### REQUIRED WORK:
All of the lines below need to be copied exactly, apart from the pictures.

### TASK INPUTS:

>>

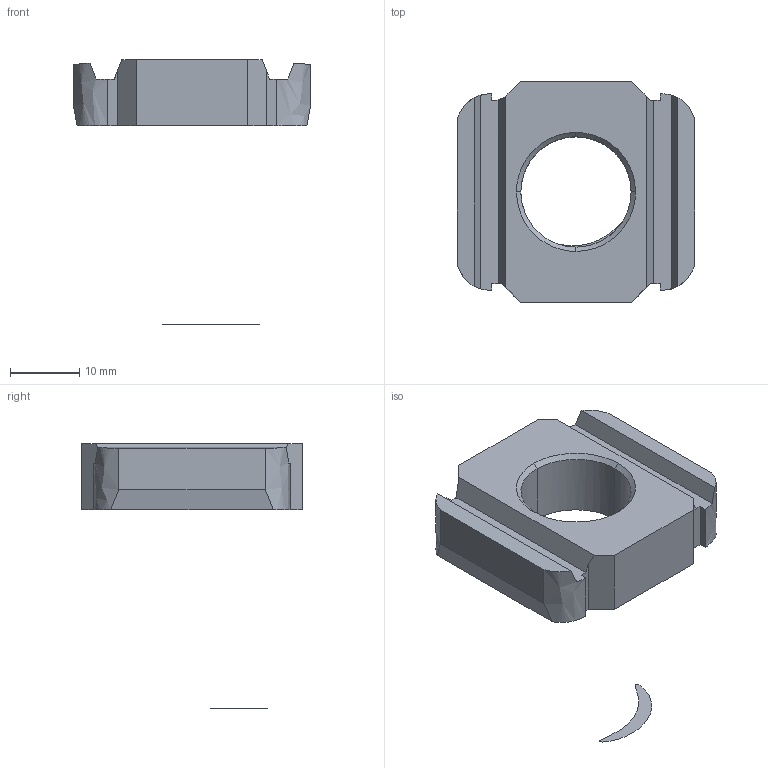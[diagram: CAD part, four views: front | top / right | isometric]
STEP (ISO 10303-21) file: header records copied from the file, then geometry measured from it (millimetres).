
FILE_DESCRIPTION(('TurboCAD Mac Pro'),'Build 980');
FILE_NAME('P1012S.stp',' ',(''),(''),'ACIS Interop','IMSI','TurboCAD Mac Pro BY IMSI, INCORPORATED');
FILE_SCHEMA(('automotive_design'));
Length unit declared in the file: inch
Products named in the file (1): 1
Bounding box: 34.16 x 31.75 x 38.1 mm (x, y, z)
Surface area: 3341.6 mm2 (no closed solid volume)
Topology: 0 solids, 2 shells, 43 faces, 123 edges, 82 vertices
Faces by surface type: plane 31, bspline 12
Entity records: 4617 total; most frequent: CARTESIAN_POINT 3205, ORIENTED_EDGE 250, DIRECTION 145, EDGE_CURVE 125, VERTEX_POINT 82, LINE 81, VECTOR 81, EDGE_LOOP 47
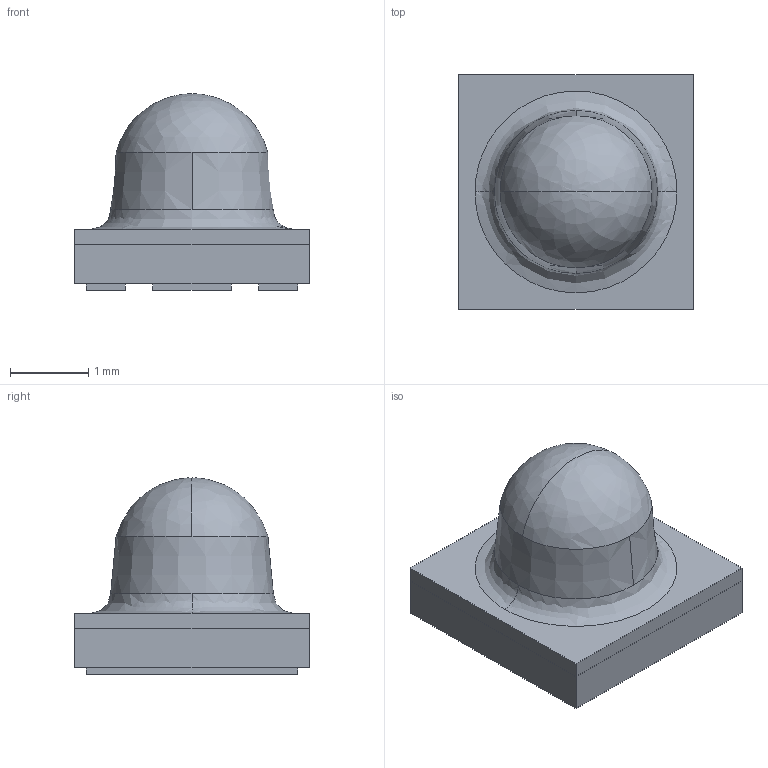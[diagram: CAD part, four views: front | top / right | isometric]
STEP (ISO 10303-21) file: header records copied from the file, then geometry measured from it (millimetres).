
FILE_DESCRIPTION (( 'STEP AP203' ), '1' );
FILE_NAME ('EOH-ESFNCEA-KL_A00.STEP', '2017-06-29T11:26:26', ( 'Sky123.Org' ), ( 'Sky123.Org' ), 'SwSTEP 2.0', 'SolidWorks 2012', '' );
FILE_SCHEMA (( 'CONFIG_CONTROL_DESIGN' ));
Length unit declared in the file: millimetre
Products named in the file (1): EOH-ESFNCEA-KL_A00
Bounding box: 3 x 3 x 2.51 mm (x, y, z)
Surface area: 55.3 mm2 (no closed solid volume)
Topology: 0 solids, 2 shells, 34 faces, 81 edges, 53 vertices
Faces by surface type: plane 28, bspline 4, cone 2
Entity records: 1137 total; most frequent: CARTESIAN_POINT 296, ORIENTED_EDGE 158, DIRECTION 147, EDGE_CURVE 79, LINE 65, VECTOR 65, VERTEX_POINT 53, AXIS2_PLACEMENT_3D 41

<<

### OUTPUT:
[diagram: CAD part, four views: front | top / right | isometric]
STEP (ISO 10303-21) file: header records copied from the file, then geometry measured from it (millimetres).
FILE_DESCRIPTION(('TurboCAD Mac Pro'),'Build 980');
FILE_NAME('P1012S.stp',' ',(''),(''),'ACIS Interop','IMSI','TurboCAD Mac Pro BY IMSI, INCORPORATED');
FILE_SCHEMA(('automotive_design'));
Length unit declared in the file: inch
Products named in the file (1): 1
Bounding box: 34.16 x 31.75 x 38.1 mm (x, y, z)
Surface area: 3341.6 mm2 (no closed solid volume)
Topology: 0 solids, 2 shells, 43 faces, 123 edges, 82 vertices
Faces by surface type: plane 31, bspline 12
Entity records: 4617 total; most frequent: CARTESIAN_POINT 3205, ORIENTED_EDGE 250, DIRECTION 145, EDGE_CURVE 125, VERTEX_POINT 82, LINE 81, VECTOR 81, EDGE_LOOP 47
[diagram: CAD part, four views: front | top / right | isometric]
STEP (ISO 10303-21) file: header records copied from the file, then geometry measured from it (millimetres).
FILE_DESCRIPTION (( 'STEP AP203' ), '1' );
FILE_NAME ('EOH-ESFNCEA-KL_A00.STEP', '2017-06-29T11:26:26', ( 'Sky123.Org' ), ( 'Sky123.Org' ), 'SwSTEP 2.0', 'SolidWorks 2012', '' );
FILE_SCHEMA (( 'CONFIG_CONTROL_DESIGN' ));
Length unit declared in the file: millimetre
Products named in the file (1): EOH-ESFNCEA-KL_A00
Bounding box: 3 x 3 x 2.51 mm (x, y, z)
Surface area: 55.3 mm2 (no closed solid volume)
Topology: 0 solids, 2 shells, 34 faces, 81 edges, 53 vertices
Faces by surface type: plane 28, bspline 4, cone 2
Entity records: 1137 total; most frequent: CARTESIAN_POINT 296, ORIENTED_EDGE 158, DIRECTION 147, EDGE_CURVE 79, LINE 65, VECTOR 65, VERTEX_POINT 53, AXIS2_PLACEMENT_3D 41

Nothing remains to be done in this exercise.